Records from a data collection
----------

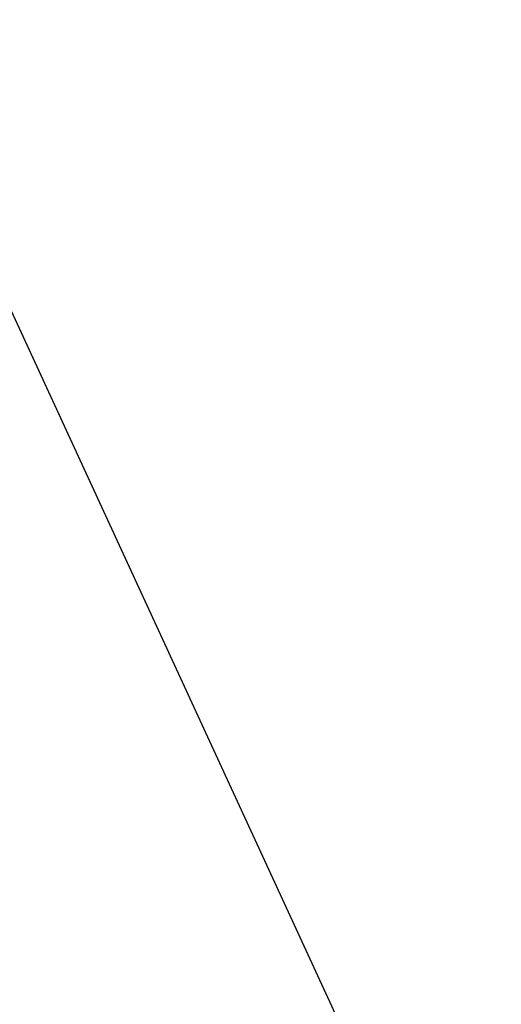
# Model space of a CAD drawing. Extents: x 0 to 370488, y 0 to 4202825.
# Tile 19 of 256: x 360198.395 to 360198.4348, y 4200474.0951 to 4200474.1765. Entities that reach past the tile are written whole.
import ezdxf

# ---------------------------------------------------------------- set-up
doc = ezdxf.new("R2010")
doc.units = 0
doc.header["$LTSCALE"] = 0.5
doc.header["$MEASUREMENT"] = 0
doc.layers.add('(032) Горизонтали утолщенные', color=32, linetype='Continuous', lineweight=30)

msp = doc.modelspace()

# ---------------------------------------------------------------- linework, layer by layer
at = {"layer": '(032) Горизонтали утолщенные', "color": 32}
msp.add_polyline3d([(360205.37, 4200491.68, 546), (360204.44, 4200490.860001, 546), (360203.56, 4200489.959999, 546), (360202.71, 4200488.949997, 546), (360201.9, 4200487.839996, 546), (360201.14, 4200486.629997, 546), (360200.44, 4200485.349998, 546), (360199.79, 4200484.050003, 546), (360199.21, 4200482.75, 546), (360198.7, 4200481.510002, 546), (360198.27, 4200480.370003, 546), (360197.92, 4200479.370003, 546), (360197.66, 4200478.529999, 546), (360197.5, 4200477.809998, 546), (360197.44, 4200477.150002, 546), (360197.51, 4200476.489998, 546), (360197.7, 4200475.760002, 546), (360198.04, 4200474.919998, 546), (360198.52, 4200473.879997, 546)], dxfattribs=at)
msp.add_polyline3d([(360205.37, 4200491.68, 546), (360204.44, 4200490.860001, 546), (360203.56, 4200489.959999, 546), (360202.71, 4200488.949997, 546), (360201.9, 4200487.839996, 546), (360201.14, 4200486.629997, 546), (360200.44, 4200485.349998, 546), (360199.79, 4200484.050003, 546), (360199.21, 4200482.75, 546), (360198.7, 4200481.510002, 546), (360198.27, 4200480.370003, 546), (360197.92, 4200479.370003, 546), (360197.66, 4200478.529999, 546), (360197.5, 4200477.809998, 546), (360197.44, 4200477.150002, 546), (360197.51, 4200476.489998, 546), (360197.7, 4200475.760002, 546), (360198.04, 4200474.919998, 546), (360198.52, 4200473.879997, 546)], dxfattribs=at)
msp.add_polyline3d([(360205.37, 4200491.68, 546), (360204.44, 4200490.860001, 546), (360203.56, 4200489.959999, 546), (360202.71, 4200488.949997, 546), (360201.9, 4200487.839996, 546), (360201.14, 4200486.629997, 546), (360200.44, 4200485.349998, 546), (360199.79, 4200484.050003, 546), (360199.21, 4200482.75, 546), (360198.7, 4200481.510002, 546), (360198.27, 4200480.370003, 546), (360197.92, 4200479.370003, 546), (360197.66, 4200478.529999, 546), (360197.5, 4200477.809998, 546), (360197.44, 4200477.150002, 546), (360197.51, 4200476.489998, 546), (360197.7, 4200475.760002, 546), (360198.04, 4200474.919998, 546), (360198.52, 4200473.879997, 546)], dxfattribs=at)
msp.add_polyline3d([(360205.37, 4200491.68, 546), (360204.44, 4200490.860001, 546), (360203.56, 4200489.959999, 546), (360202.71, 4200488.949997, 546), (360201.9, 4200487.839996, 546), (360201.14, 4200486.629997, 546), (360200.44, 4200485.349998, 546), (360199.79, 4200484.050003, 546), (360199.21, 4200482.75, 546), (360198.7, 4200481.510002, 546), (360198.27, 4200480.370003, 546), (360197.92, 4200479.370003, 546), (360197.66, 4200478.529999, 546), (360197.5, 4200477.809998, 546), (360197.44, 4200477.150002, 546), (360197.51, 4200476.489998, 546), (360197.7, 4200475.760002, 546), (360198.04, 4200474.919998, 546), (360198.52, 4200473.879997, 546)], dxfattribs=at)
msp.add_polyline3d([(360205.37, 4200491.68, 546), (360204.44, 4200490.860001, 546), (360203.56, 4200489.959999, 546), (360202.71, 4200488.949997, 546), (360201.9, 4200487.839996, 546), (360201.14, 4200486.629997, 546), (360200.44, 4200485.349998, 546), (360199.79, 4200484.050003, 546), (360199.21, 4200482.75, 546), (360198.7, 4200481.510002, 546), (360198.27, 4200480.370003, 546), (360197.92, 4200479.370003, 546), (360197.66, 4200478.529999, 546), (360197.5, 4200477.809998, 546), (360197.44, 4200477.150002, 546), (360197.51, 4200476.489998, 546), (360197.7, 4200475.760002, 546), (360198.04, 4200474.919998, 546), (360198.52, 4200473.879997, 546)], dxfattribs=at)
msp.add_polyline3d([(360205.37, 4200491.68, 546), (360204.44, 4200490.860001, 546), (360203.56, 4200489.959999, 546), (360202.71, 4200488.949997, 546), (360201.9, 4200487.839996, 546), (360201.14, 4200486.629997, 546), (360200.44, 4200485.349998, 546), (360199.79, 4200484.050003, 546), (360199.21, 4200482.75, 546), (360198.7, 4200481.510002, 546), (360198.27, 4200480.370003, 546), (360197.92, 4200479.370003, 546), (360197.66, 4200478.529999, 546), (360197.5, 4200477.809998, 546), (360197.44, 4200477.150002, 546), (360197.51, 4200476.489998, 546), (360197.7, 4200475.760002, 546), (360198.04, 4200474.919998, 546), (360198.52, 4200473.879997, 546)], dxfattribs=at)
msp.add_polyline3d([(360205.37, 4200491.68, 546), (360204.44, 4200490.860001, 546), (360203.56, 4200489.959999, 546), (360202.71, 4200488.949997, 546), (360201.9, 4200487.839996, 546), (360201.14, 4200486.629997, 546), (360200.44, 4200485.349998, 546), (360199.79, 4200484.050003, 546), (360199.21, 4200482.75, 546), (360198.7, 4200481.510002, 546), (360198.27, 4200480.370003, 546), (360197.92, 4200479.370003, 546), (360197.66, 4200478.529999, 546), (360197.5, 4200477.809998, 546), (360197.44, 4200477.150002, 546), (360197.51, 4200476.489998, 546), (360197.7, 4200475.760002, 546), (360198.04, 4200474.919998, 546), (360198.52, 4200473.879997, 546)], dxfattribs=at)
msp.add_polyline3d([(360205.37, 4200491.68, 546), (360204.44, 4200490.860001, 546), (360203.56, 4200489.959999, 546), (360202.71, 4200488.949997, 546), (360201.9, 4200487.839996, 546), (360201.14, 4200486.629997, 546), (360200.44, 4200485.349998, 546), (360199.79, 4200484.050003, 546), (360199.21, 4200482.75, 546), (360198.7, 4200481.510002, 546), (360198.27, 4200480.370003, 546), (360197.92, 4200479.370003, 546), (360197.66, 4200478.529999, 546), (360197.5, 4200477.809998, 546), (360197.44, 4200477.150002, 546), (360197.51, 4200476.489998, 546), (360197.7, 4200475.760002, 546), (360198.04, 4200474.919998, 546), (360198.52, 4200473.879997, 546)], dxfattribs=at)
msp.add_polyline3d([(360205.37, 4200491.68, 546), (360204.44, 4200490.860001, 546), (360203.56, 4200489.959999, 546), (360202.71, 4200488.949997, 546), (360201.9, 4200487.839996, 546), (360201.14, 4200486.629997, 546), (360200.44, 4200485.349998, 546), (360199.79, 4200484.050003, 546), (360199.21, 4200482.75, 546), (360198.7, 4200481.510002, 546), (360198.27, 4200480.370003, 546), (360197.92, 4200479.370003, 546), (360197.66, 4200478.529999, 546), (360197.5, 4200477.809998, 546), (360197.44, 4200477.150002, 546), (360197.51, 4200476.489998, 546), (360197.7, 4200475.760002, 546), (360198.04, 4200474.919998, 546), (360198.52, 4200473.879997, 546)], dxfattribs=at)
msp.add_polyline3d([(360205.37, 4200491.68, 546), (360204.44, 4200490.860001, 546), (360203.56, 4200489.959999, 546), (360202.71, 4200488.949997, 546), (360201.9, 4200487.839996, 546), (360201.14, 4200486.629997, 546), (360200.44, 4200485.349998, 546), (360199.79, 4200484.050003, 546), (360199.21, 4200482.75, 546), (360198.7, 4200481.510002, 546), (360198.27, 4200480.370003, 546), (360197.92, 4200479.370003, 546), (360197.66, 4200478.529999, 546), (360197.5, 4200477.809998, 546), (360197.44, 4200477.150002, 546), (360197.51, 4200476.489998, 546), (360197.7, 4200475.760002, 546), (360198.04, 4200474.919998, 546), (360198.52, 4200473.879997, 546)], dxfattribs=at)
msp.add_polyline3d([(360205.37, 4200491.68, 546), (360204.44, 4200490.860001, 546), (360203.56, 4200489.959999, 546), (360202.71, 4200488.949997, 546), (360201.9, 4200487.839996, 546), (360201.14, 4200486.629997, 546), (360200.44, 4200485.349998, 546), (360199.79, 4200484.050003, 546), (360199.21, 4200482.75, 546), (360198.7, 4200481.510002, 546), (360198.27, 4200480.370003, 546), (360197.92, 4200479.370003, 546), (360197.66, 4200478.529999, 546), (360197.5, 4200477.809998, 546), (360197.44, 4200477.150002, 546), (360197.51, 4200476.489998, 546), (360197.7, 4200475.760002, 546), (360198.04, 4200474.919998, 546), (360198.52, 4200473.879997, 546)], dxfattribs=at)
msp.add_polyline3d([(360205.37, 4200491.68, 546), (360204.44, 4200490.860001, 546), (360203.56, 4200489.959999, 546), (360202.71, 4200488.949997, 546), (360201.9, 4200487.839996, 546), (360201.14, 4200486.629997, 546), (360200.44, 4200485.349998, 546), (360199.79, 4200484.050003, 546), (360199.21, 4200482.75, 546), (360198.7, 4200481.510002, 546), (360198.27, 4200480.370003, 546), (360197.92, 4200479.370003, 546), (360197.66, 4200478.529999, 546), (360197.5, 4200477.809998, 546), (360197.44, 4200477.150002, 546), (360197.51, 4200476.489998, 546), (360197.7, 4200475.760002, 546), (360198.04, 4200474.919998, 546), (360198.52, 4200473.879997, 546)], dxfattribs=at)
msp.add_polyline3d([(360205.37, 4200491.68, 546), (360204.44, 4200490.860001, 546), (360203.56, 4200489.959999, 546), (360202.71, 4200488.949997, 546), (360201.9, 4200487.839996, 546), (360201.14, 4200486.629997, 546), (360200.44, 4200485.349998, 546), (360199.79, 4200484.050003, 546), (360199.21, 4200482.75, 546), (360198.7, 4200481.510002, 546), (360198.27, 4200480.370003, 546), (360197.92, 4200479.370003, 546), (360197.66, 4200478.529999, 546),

----------

*Assignment*.
Copy each line in the entries above where "утолщенные" turns up.

*Solution for this problem*.
doc.layers.add('(032) Горизонтали утолщенные', color=32, linetype='Continuous', lineweight=30)
at = {"layer": '(032) Горизонтали утолщенные', "color": 32}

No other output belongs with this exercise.